Peetoom haalde minister Donner aan, die een vergelijking maakte met honderd schapen. Het is de taak van de overheid om al die schapen gelijk te behandelen, het is de taak van bijvoorbeeld kerken om ook dat ene schaap te helpen. In die zin kan compassie geen criterium zijn, maar wel een sluitstuk om te voorkomen dat individuele burgers de dupe worden van de wetgeving. Vrouwe Justitia draagt een blinddoek, maar de samenleving is alles behalve blind. Peetoom daagde de kerken dan ook uit om de kritische rol richting overheid en wetgever te blijven spelen. Ze noemde het van belang om het menselijke klimaat in de samenleving in de gaten te blijven houden; ieder mens heeft een gezicht.
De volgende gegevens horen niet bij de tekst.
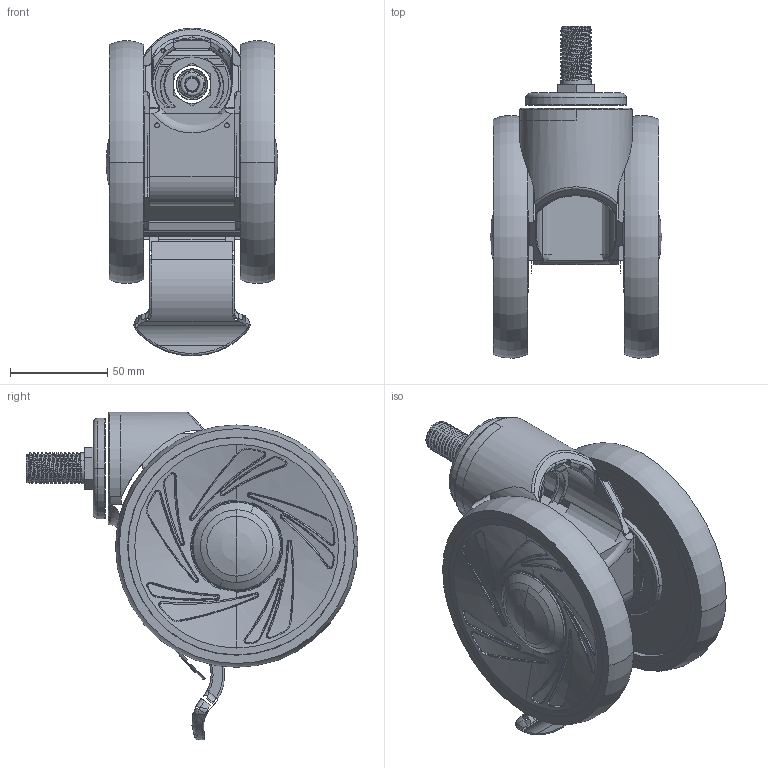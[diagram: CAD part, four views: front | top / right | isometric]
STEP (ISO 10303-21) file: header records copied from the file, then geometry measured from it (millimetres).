
FILE_DESCRIPTION((''),'2;1');
FILE_NAME('PRT0021','2025-08-18T13:26:58',('Administrator'),(''),'CREO PARAMETRIC BY PTC INC, 2022124','CREO PARAMETRIC BY PTC INC, 2022124','');
FILE_SCHEMA(('AUTOMOTIVE_DESIGN { 1 0 10303 214 1 1 1 1 }'));
Length unit declared in the file: millimetre
Products named in the file (1): PRT0021
Bounding box: 88.4 x 170.92 x 168.77 mm (x, y, z)
Surface area: 105403.5 mm2 (no closed solid volume)
Topology: 0 solids, 77 shells, 360 faces, 2159 edges, 1855 vertices
Faces by surface type: bspline 140, cylinder 87, plane 73, torus 37, cone 11, extrusion 8, sphere 4
Entity records: 39127 total; most frequent: CARTESIAN_POINT 22337, ORIENTED_EDGE 2640, DIRECTION 2398, EDGE_CURVE 2155, VERTEX_POINT 1855, AXIS2_PLACEMENT_3D 932, B_SPLINE_CURVE_WITH_KNOTS 930, CIRCLE 709

Toen kon de zaal reageren. Er kwamen veel vragen en opmerkingen. Of het CDA zich realiseerde dat ook het instituut dat Mauro helpt, helpt onder protest omdat er voor meer jonge mensen een politieke oplossing nodig is. Of de minister wel echt alle mogelijkheden benut om humaan met vreemdelingen om te gaan. Of regelgeving in Europese context wel voldoende consistent is met de Nederlandse regelgeving. Of het CDA niet voor een motie van PvdA en Christenunie had moeten stemmen waardoor minderjarige asielzoekers een betere positie hadden kunnen krijgen in plaats van te wachten op initiatieven in dezen van de minister. Of er voldoende gedaan wordt om taalanalyses en andere zaken voor asielzoekers goed te regelen. Of gemeenten zich wel realiseren dat ze met het nemen van de financiële lusten van een centrum ook morele lasten op zich genomen worden. Of de politiek niet iets kan doen aan de hoge legeskosten van justitie. Of de strafbaarstelling van uitgewezen asielzoekers niet tot onoirbare situaties leidt. Of de positie van domestic workers niet beter voor het voetlicht kan komen. Of het te verkroppen is dat juist de overheid vaak in hoger beroep gaat in asielzaken.

Vragen naar waarom

Peetoom ging op een aantal vragen in. Bijvoorbeeld op de financiële vraag en zei: ‘Je moet als burger altijd je recht kunnen halen’. Daar mag geen financiële belemmering zijn. En ze pleitte nogmaals voor compassie. ‘Als predikant heb ik geprobeerd nooit mensen te verketteren, maar altijd door te vragen naar het waarom’. John van Tilborg van Inlia prees de partijvoorzitter die in haar Groningse periode haar kerk positief betrokken heeft bij het asielzoekerswerk. Ruth Peetoom vertelde dat ook haar schoonfamilie in Luttelgeest als vrijwilligers juridisch vreemdelingen bijstaat en dat ze in die zin ook uit eerste hand informatie krijgt. Verschillende vrijwilligers grepen de gelegenheid aan om Peetoom ook in de pauzes aan te spreken op de nood die ze her en der in den lande zien en meemaken.

Dr. Maarten den Heijer werkzaam voor de Universiteit van Amsterdam ging na Ruth Peetoom in op het Europese asielbeleid. Hij liet zien hoe de wetgeving in de verschillende Europese landen sinds 1990 verder op elkaar is afgestemd. Vooral de laatste jaren stagneert de harmonisatie. Er blijkt groot verschil te zijn in de manier waarop Europese landen de regels toepassen. Nederland laat 48 procent van de aanvragers toen, Finland 73 procent, Griekenland 0,3 procent (cijfers gebaseerd op 2009). Het risico bestaat dat de minimale toepassingen de toon gaan zetten, omdat de landen elkaar willen overtreffen in striktheid. Griekenland is overigens een verhaal apart. Er zijn verhalen bekend van vluchtelingen die er uit het toilet moeten drinken. Den Heijer mist hier het centrale toezicht en maakte een vergelijking met de oorzaken van de financiële crisis.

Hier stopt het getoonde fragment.